Know your tools, do not lend them out unless you confident that the borrower knows what the deal is - or can pay to replace anything that gets damaged - a lot of people balk and scream "You want me to pay HOW much for a friggin rock?" ..at which point you are justified punching them in the face.  (example - $50-$100 is a good median range for quality carborundum stones, high quality Japanese water stones only go up from the high end). You can also remind that person what they paid for the adjustable locking torque wrench they just bought... and will use twice a year, maybe.

While on 'vacation' I was sharpening 3-5 knives a day for others...  various qualities, and got results from damn near perfect  to this crap won't hold an edge to my standard.  Remind people of this fact - 'presentation' knives are generally not working tools, they're pretty, but leave them on the walls, because they will not hold an edge ( unless the presenter and the recipient are knife geeks).  Let people know issues right after your initial inspection of the blade as discussed earlier in the thread, and temper their expectations then.

And back to the knifemaker....


----------



## Ooh-Rah (Jul 20, 2016)

Thought this was kind of cool, thought I'd share.  Of what's listed, my two favorite (and most often carried) are the drop point and the Tanto)


----------



## Ooh-Rah (Jul 22, 2016)

@Barbarian @x SF med (and anyone else who knows a thing or two about knives)

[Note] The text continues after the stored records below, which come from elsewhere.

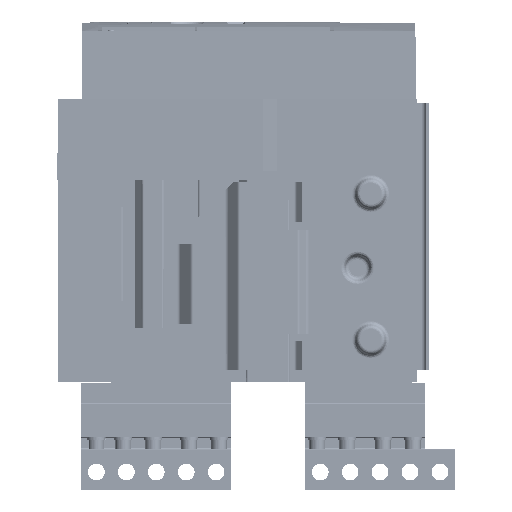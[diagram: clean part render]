
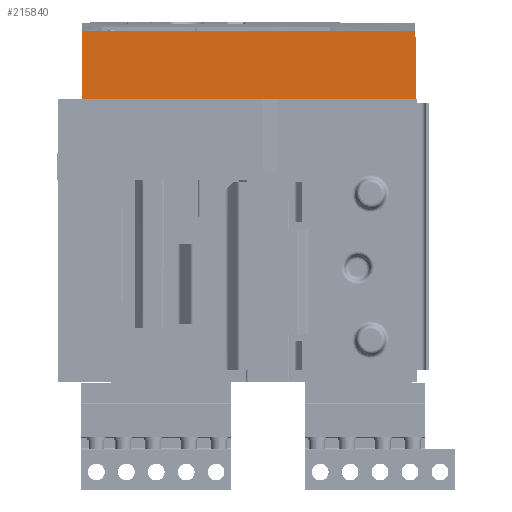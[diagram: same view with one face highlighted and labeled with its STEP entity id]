
A CAD part, left-side view. The second image highlights one B-rep face of the part: STEP entity #215840.
In plain terms, the highlighted planar face has unit normal (-1, 0, 0.009).
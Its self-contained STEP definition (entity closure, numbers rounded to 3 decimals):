
#2036 = ORIENTED_EDGE ( 'NONE', *, *, #578955, .T. ) ;
#12656 = EDGE_CURVE ( 'NONE', #237365, #378409, #459227, .T. ) ;
#22463 = DIRECTION ( 'NONE',  ( -1., 0., 0.009 ) ) ;
#69733 = ORIENTED_EDGE ( 'NONE', *, *, #12656, .F. ) ;
#79268 = EDGE_CURVE ( 'NONE', #680629, #237365, #337378, .T. ) ;
#113843 = CARTESIAN_POINT ( 'NONE',  ( 26.562, 132.161, 582.803 ) ) ;
#122507 = VERTEX_POINT ( 'NONE', #593974 ) ;
#129304 = DIRECTION ( 'NONE',  ( 0., 1., 0. ) ) ;
#157385 = CARTESIAN_POINT ( 'NONE',  ( 25.496, 411.352, 460.603 ) ) ;
#199220 = VECTOR ( 'NONE', #235785, 1000. ) ;
#213389 = EDGE_CURVE ( 'NONE', #122507, #378409, #370413, .T. ) ;
#215840 = ADVANCED_FACE ( 'NONE', ( #677368 ), #468172, .T. ) ;
#226439 = VECTOR ( 'NONE', #688197, 1000. ) ;
#235785 = DIRECTION ( 'NONE',  ( 0., 1., 0. ) ) ;
#237365 = VERTEX_POINT ( 'NONE', #705458 ) ;
#337378 = LINE ( 'NONE', #523280, #502142 ) ;
#354475 = CARTESIAN_POINT ( 'NONE',  ( 25.475, 130.573, 458.153 ) ) ;
#370413 = LINE ( 'NONE', #157385, #500602 ) ;
#378409 = VERTEX_POINT ( 'NONE', #691671 ) ;
#413062 = ORIENTED_EDGE ( 'NONE', *, *, #213389, .T. ) ;
#423883 = DIRECTION ( 'NONE',  ( -0.009, 0.009, -1. ) ) ;
#459227 = LINE ( 'NONE', #567572, #199220 ) ;
#468172 = PLANE ( 'NONE',  #651598 ) ;
#500602 = VECTOR ( 'NONE', #423883, 1000. ) ;
#502142 = VECTOR ( 'NONE', #578876, 1000. ) ;
#502921 = ORIENTED_EDGE ( 'NONE', *, *, #79268, .F. ) ;
#503838 = LINE ( 'NONE', #588871, #226439 ) ;
#523280 = CARTESIAN_POINT ( 'NONE',  ( 25.486, 131.084, 459.436 ) ) ;
#567572 = CARTESIAN_POINT ( 'NONE',  ( 26.068, 130.573, 526.153 ) ) ;
#578876 = DIRECTION ( 'NONE',  ( -0.009, -0.009, -1. ) ) ;
#578955 = EDGE_CURVE ( 'NONE', #680629, #122507, #503838, .T. ) ;
#588871 = CARTESIAN_POINT ( 'NONE',  ( 26.562, 130.573, 582.803 ) ) ;
#593974 = CARTESIAN_POINT ( 'NONE',  ( 26.562, 410.285, 582.803 ) ) ;
#651598 = AXIS2_PLACEMENT_3D ( 'NONE', #354475, #22463, #129304 ) ;
#672405 = EDGE_LOOP ( 'NONE', ( #413062, #69733, #502921, #2036 ) ) ;
#677368 = FACE_OUTER_BOUND ( 'NONE', #672405, .T. ) ;
#680629 = VERTEX_POINT ( 'NONE', #113843 ) ;
#688197 = DIRECTION ( 'NONE',  ( 0., 1., 0. ) ) ;
#691671 = CARTESIAN_POINT ( 'NONE',  ( 26.068, 410.78, 526.153 ) ) ;
#705458 = CARTESIAN_POINT ( 'NONE',  ( 26.068, 131.667, 526.153 ) ) ;

What is the story on Randall knives?  

I mentioned in another thread that I am beginning to declutter my life and replace multiple things with "one" of great quality.  A friend is selling his NIB Randall #28 Woodsman Knife and I am debating.  He is asking $500...(acknowledging the higher price since they sell new for $450 but there is a near 5 year wait)

Thoughts?

This is a Randall #28 Woodsman with a 4.5 inch blade and green Micarta scales.

*From Randall's description:*
"Drop point hunter blade. Full tang handle construction. 4 1/4″ handle length. Single brass hilt. Green micarta handle material (black micarta available). Border patrol shape. Top of blade notched for thumb placement. Wrist thong with brass ferrule. Sturdy overall construction. Excellent skinning and outdoors knife."

BLADE LENGTH: 4.5"
BLADE STOCK: 3/16” stainless steel
HANDLE SHAPE: Border Patrol
HANDLE MATERIAL: Micarta
HILT STYLE: Standard Single
WEIGHT: 8 oz.


----------



## x SF med (Jul 22, 2016)

Ooh-Rah said:


> @Barbarian @x SF med (and anyone else who knows a thing or two about knives)
> 
> What is the story on Randall knives?
> 
> ...



A Randall is an investment in a true high quality knife.  This one is a modified Scandinaian grind, so sharpening/honing will be easy with the right tools at home or in the field.  You will want one small modification on the knife... wrap the handle with leather or something like it...  polished micarta can get very very slick when wet or bloody.

Buy it.  If you don't like it, give it to me as a Christmas gift...  I'll take it, gladly and do a little happy dance, well, a big happy dance, for hours.


----------



## Ooh-Rah (Jul 22, 2016)

x SF med said:


> Buy it. If you don't like it, give it to me as a Christmas gift... I'll take it, gladly and do a little happy dance, well, a big happy dance, for hours.



I love LOVE when a post can actually make me laugh-out-loud!  Because he's a friend, I'm trying to talk him down from the $500 to something a bit more reasonable.


----------



## x SF med (Jul 22, 2016)

Ooh-Rah said:


> I love LOVE when a post can actually make me laugh-out-loud!  Because he's a friend, I'm trying to talk him down from the $500 to something a bit more reasonable.



I have the Spartan-Harsey Mod I, serial number very low of a small run (250) and signed by all 3 of the principals involved in the evolution of the knife....  it was not an inexpensive knife, it is now worth more _*used*_ than I paid for it... a LOT more...  Randalls are the same.


----------



## Ooh-Rah (Jul 22, 2016)

Mine.  $425  - Thanks for the info @x SF med - Time to sell a bunch of old stuff I just never use anymore!!!


----------



## x SF med (Jul 22, 2016)

Ooh-Rah said:


> Mine.  $425  - Thanks for the info @x SF med - Time to sell a bunch of old stuff I just never use anymore!!!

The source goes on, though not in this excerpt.